Segment Open
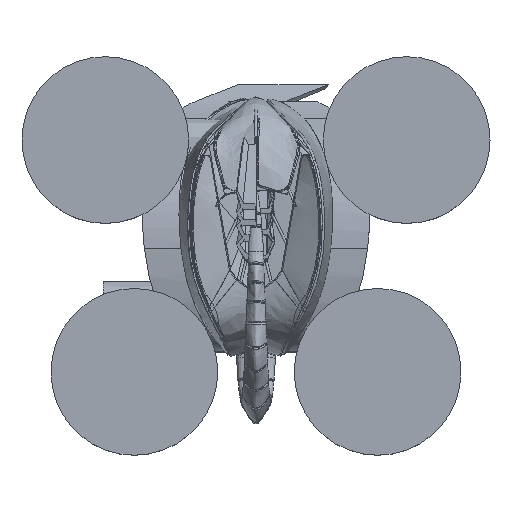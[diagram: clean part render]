
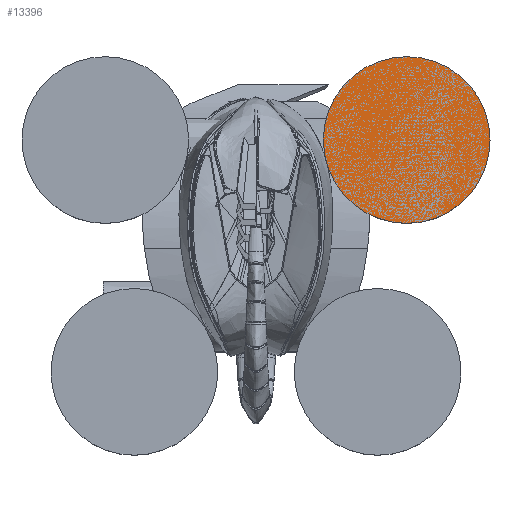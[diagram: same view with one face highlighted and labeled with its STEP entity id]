
A CAD part, top view. The second image highlights one B-rep face of the part: STEP entity #13396.
In plain terms, the highlighted planar face has unit normal (0, 0, 1).
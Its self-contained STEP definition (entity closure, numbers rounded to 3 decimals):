
#11143=CIRCLE('',#65857,65.);
#13396=ADVANCED_FACE('',(#17904),#17331,.T.);
#17331=PLANE('',#65860);
#17904=FACE_OUTER_BOUND('',#21777,.T.);
#21777=EDGE_LOOP('',(#26303));
#26303=ORIENTED_EDGE('',*,*,#53041,.T.);
#46575=VERTEX_POINT('',#79957);
#53041=EDGE_CURVE('',#46575,#46575,#11143,.T.);
#65857=AXIS2_PLACEMENT_3D('',#79956,#70291,#70292);
#65860=AXIS2_PLACEMENT_3D('',#79960,#70297,#70298);
#70291=DIRECTION('',(0.,0.,1.));
#70292=DIRECTION('',(1.,0.,0.));
#70297=DIRECTION('',(0.,0.,1.));
#70298=DIRECTION('',(1.,0.,0.));
#79956=CARTESIAN_POINT('',(117.475,84.362,53.));
#79957=CARTESIAN_POINT('',(182.475,84.362,53.));
#79960=CARTESIAN_POINT('',(117.475,84.362,53.));
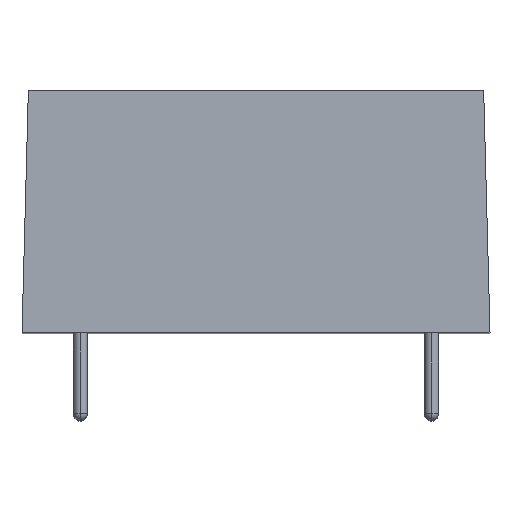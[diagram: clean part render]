
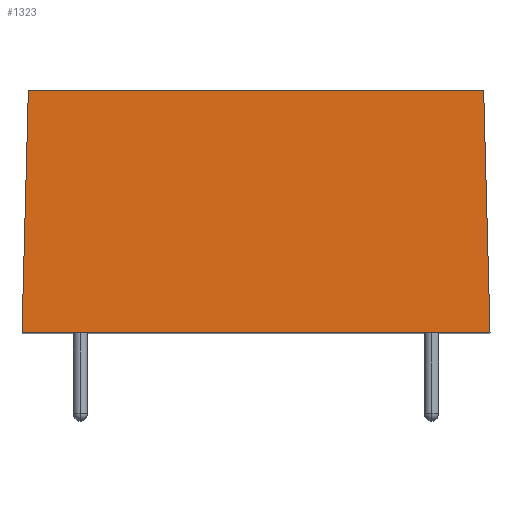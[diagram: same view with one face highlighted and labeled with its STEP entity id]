
A CAD part, top view. The second image highlights one B-rep face of the part: STEP entity #1323.
In plain terms, the highlighted planar face has unit normal (0, 0.026, 1).
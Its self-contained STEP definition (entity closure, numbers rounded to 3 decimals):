
#121 = CARTESIAN_POINT ( 'NONE',  ( 10.128, 0.832, 15.878 ) ) ;
#188 = LINE ( 'NONE', #668, #197 ) ;
#197 = VECTOR ( 'NONE', #1303, 1000. ) ;
#201 = EDGE_CURVE ( 'NONE', #1069, #777, #539, .T. ) ;
#230 = DIRECTION ( 'NONE',  ( 0.026, -0.999, 0.026 ) ) ;
#264 = EDGE_CURVE ( 'NONE', #581, #777, #481, .T. ) ;
#269 = CARTESIAN_POINT ( 'NONE',  ( -10.15, 0., 15.9 ) ) ;
#327 = ORIENTED_EDGE ( 'NONE', *, *, #201, .T. ) ;
#356 = EDGE_CURVE ( 'NONE', #640, #1069, #188, .T. ) ;
#357 = DIRECTION ( 'NONE',  ( 0., -1., 0.026 ) ) ;
#403 = ORIENTED_EDGE ( 'NONE', *, *, #356, .T. ) ;
#442 = CARTESIAN_POINT ( 'NONE',  ( -10.15, 0., 15.9 ) ) ;
#461 = EDGE_LOOP ( 'NONE', ( #327, #1257, #969, #403 ) ) ;
#481 = LINE ( 'NONE', #121, #1222 ) ;
#539 = LINE ( 'NONE', #442, #655 ) ;
#581 = VERTEX_POINT ( 'NONE', #724 ) ;
#593 = CARTESIAN_POINT ( 'NONE',  ( -10.15, 10.5, 15.625 ) ) ;
#640 = VERTEX_POINT ( 'NONE', #816 ) ;
#655 = VECTOR ( 'NONE', #1081, 1000. ) ;
#668 = CARTESIAN_POINT ( 'NONE',  ( -10.15, 0., 15.9 ) ) ;
#672 = DIRECTION ( 'NONE',  ( 0., 0.026, 1. ) ) ;
#724 = CARTESIAN_POINT ( 'NONE',  ( 9.875, 10.5, 15.625 ) ) ;
#777 = VERTEX_POINT ( 'NONE', #1360 ) ;
#816 = CARTESIAN_POINT ( 'NONE',  ( -9.875, 10.5, 15.625 ) ) ;
#817 = AXIS2_PLACEMENT_3D ( 'NONE', #883, #672, #357 ) ;
#844 = PLANE ( 'NONE',  #817 ) ;
#883 = CARTESIAN_POINT ( 'NONE',  ( -10.15, 0., 15.9 ) ) ;
#969 = ORIENTED_EDGE ( 'NONE', *, *, #1041, .F. ) ;
#976 = FACE_OUTER_BOUND ( 'NONE', #461, .T. ) ;
#1041 = EDGE_CURVE ( 'NONE', #640, #581, #1375, .T. ) ;
#1069 = VERTEX_POINT ( 'NONE', #269 ) ;
#1081 = DIRECTION ( 'NONE',  ( 1., 0., 0. ) ) ;
#1222 = VECTOR ( 'NONE', #230, 1000. ) ;
#1257 = ORIENTED_EDGE ( 'NONE', *, *, #264, .F. ) ;
#1290 = VECTOR ( 'NONE', #1320, 1000. ) ;
#1303 = DIRECTION ( 'NONE',  ( -0.026, -0.999, 0.026 ) ) ;
#1320 = DIRECTION ( 'NONE',  ( 1., 0., 0. ) ) ;
#1323 = ADVANCED_FACE ( 'NONE', ( #976 ), #844, .T. ) ;
#1360 = CARTESIAN_POINT ( 'NONE',  ( 10.15, 0., 15.9 ) ) ;
#1375 = LINE ( 'NONE', #593, #1290 ) ;
Segment Closed
Work task:
Copy out every line of the material above that contains the string "PLANE".

Answer box:
#17331=PLANE('',#65860);
#844 = PLANE ( 'NONE',  #817 ) ;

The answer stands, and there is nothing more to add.